The original Gruppo Italiano Malattie Ematologiche Maligne dell'Adulto (GIMEMA) scale was an expanded WHO scale described by Rebulla et al in 1997.5 The use of various scales by investigators makes it impossible to perform cross-study comparisons and meta-analyses. For example, because one trial defined > 60 minutes6 as a grade 2 nosebleed and another used > 30 minutes,7 a patient with a 45-minute nosebleed would have clinically significant bleeding in one trial, but not the other. An asymptomatic CNS bleed could be defined as grade 1 (of 4) in the Heckman trial,8 grade 5 (of 7) in the studies using the GIMEMA scale,3,9,10 grade 3 (of 4) in the Murphy11 and Heddle6 trials, and grade 4 (of 4) in the Slichter trial.7
We identified only one bleeding scale (designed by Webert et al) that has undergone psychometric evaluation to confirm validity and reliability.12 This scale was designed to separate clinically significant from clinically insignificant bleeding by determining whether medical or surgical intervention and/or increased level of care was needed.

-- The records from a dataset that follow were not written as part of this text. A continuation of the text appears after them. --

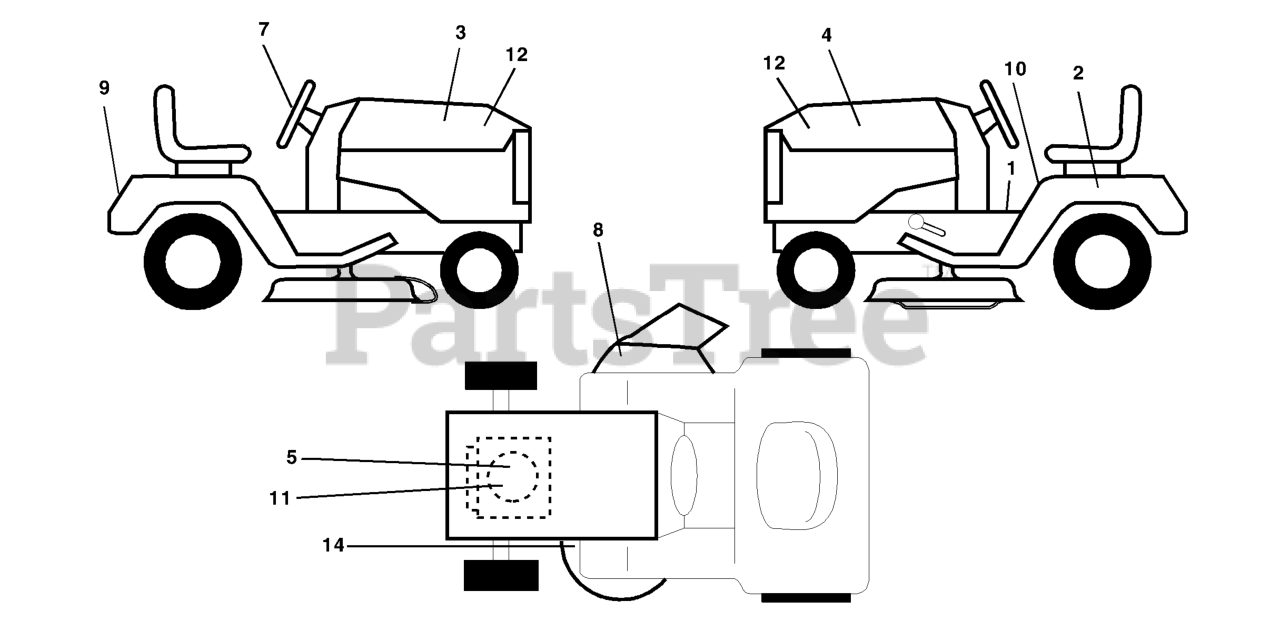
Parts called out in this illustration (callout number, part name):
2	DECAL BTRY SYMBOLS
5	DECAL HP ENGINE
7	DECAL.WHEEL.STEERING.HUSQ.PERM
8	DECAL.WARN.KEEP.HAND.AWAY
9	DECAL, FENDER
10	DECAL FENDER DANGER
11	DECAL, ENGINE LOGO
12	DECAL, HOOD SIDE
14	DECAL V BELT SCHEMATIC

This definition of “significant” describes the type of bleeding that prophylactic transfusions are designed to prevent: that which exposes patients to the risks associated with medications, surgical procedures, long-term morbidity, and mortality.
None of the available bleeding scales take into account the impact that bleeding has on the quality of life of patients and families. Although daily nosebleeds lasting 15-20 minutes may not require intervention, they can be upsetting or disruptive to some patients. Therefore, combining the scale developed by Webert et al12 with quality-of-life measurements may provide the most complete representation of bleeding severity.
We rate the level of evidence for using the WHO scale and/or its variations in clinical research level 2C, because there are no studies comparing bleeding scores with regard to their completeness or accuracy in measuring clinically significant bleeding. There is insufficient evidence to determine which bleeding scale should be selected in the design of a clinical trial. This review highlights the difficulties created in this field of research due to the use of different scales to measure bleeding. As researchers move forward in creating clinical trials to mitigate bleeding incidence and severity, consistency in measuring bleeding across trials will improve the quality and standardization of research in this field by allowing for a common method of communicating and comparing results across studies.
Disclosures
Conflict-of-interest disclosure: R.S.B. declares no competing financial interests. S.H.O. has consulted for GSK on topics not relevant to this paper. Off-label drug use: None disclosed.